As per the last statement, you might find it useful to take down certain information before a risky operation…or even upon first deployment. This is especially useful on any dev Jetson. A suggested list of things to save a copy of:

  • ifconfig
  • route
  • sudo gdisk -l /dev/mmcblk0
  • uname -r
  • A copy of "/proc/config.gz".
  • A copy of the current running device tree:
    dtc -I fs -O dts -o extracted.dts /proc/device-tree
    
  • A copy of "/proc/cmdline". Note: This is mostly if you need to debug. The "Chosen" of the device tree is mostly how this is created, although "/boot/extlinux/extlinux.conf" can take part. "extlinux.conf" is not used for most changes these days.
  • A recursive copy with preserved file permissions for "/etc/ssh/".
  • Make sure no standard account (meaning "ubuntu" and "nvidia") have a standard password if this ever touches any public network for even a few minutes.
  • Output of "head -n 1 /etc/nv_tegra_release".

Be especially aware that recent L4T releases sign device trees. “dd” can put these in place, but if the signature is wrong, then reboot will fail.

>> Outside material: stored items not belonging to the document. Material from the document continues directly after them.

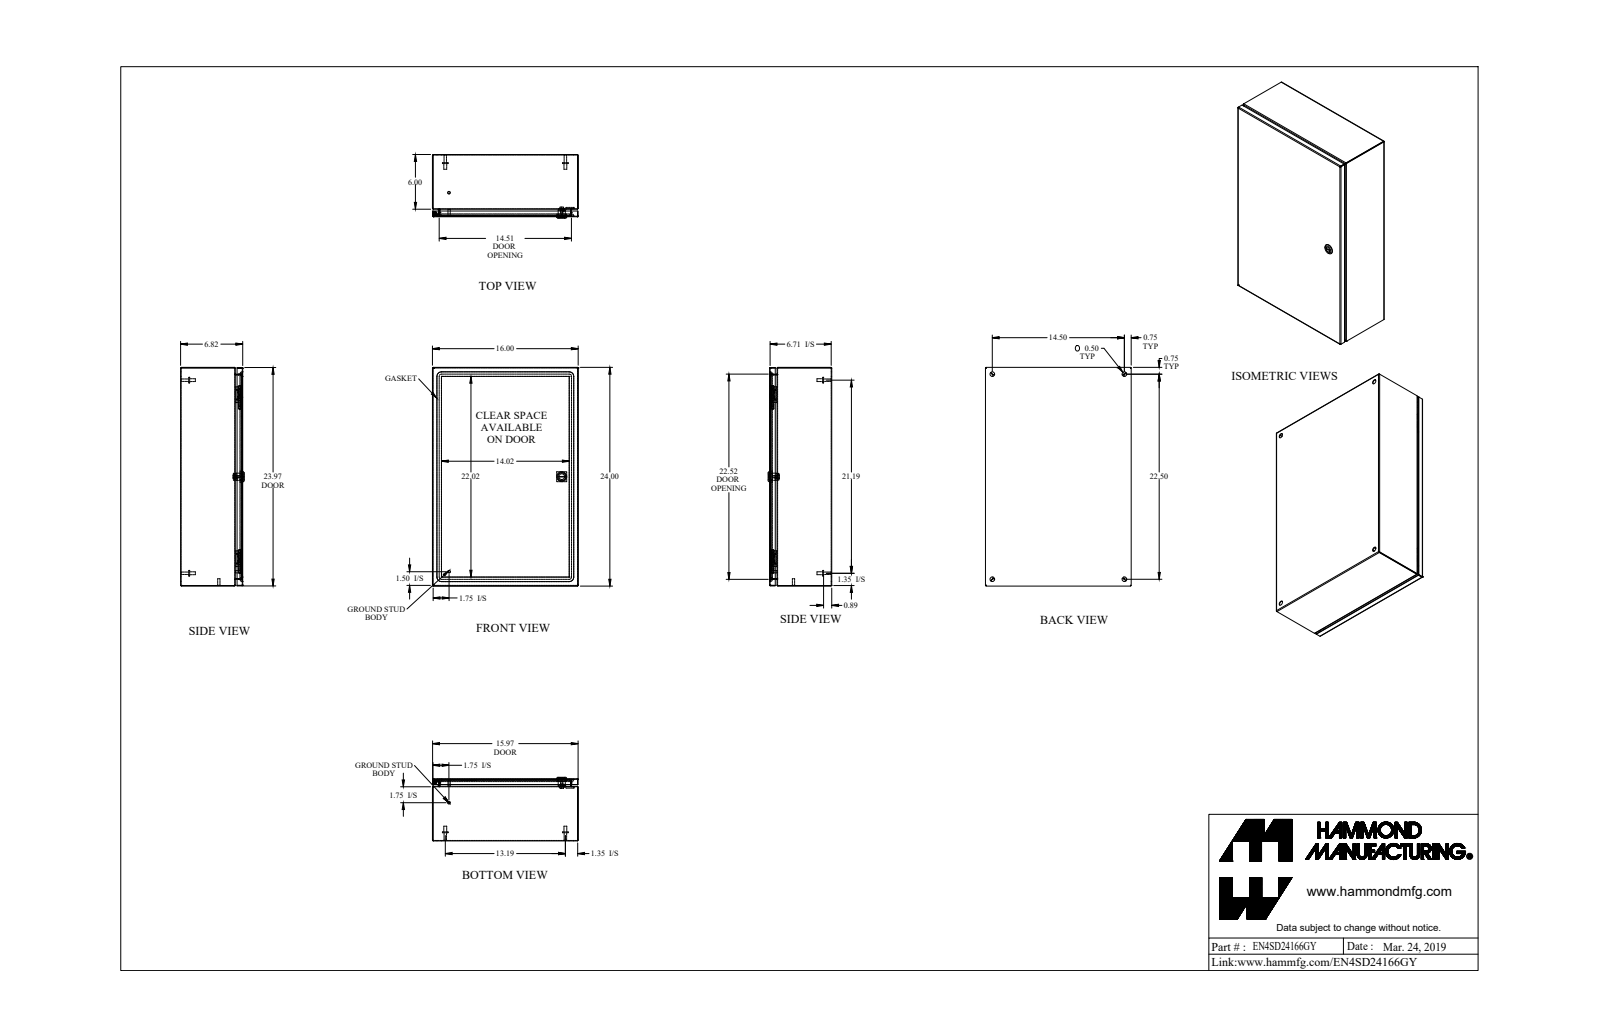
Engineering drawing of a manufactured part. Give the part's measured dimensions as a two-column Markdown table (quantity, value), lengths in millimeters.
| quantity | value |
| --- | --- |
| part name | EN4SD24166GY_Default |
| STEP written by | SolidWorks 2019 (CONFIG_CONTROL_DESIGN) |
| units | millimeters |
| bodies | 21 solids, 634 faces (285 planar, 213 cylindrical, 136 other) |
| overall size | 609.6 × 406.4 × 177.3 |
| volume | 1 441 000 mm³ |
| surface area | 1 926 000 mm² |
| round holes (diameter × count) | 12.7 × 4, 4.4 × 1, 5.9 × 1, 6.1 × 1, 6.1 × 1, 15.9 × 1, 19.9 × 1 |
| round bosses / shafts (diameter × count) | 15.9 × 4, 8 × 4, 6.9 × 4, 7.1 × 2, 6.4 × 2, 27.9 × 1, 13.3 × 1, 11.6 × 1 |
| partial cylindrical surfaces (radius × count) | 0.7 × 21, 2.2 × 21, 6.4 × 16, 482.6 × 8, 0.2 × 4, 1.6 × 4, 12.7 × 4, 3.2 × 2 |
| main face-to-face distances | 1.4, 171.8, 170.4, 173.3, 405, 608.2, 403.5, 406.4, 20.9, 151 |
| hole center spacings | 368.3, 571.5, 679.9, 287, 287, 445.2, 445.2 |

Along those lines, even if you do have a correct signature, be absolutely certain the partition itself is large enough to hold your edited and signed version of a “dd” emplaced device tree.

Recently, dived into this field and didn’t think it would have so many variants. After exploring some best ci cd tools, I just noticed that these are often considered two terms for the same process. However, as you can see from the above image, there is a significant difference. Continuous Delivery refers to the delivery of code to the testing teams, while Continuous Deployment refers to the deployment of code to the production environment.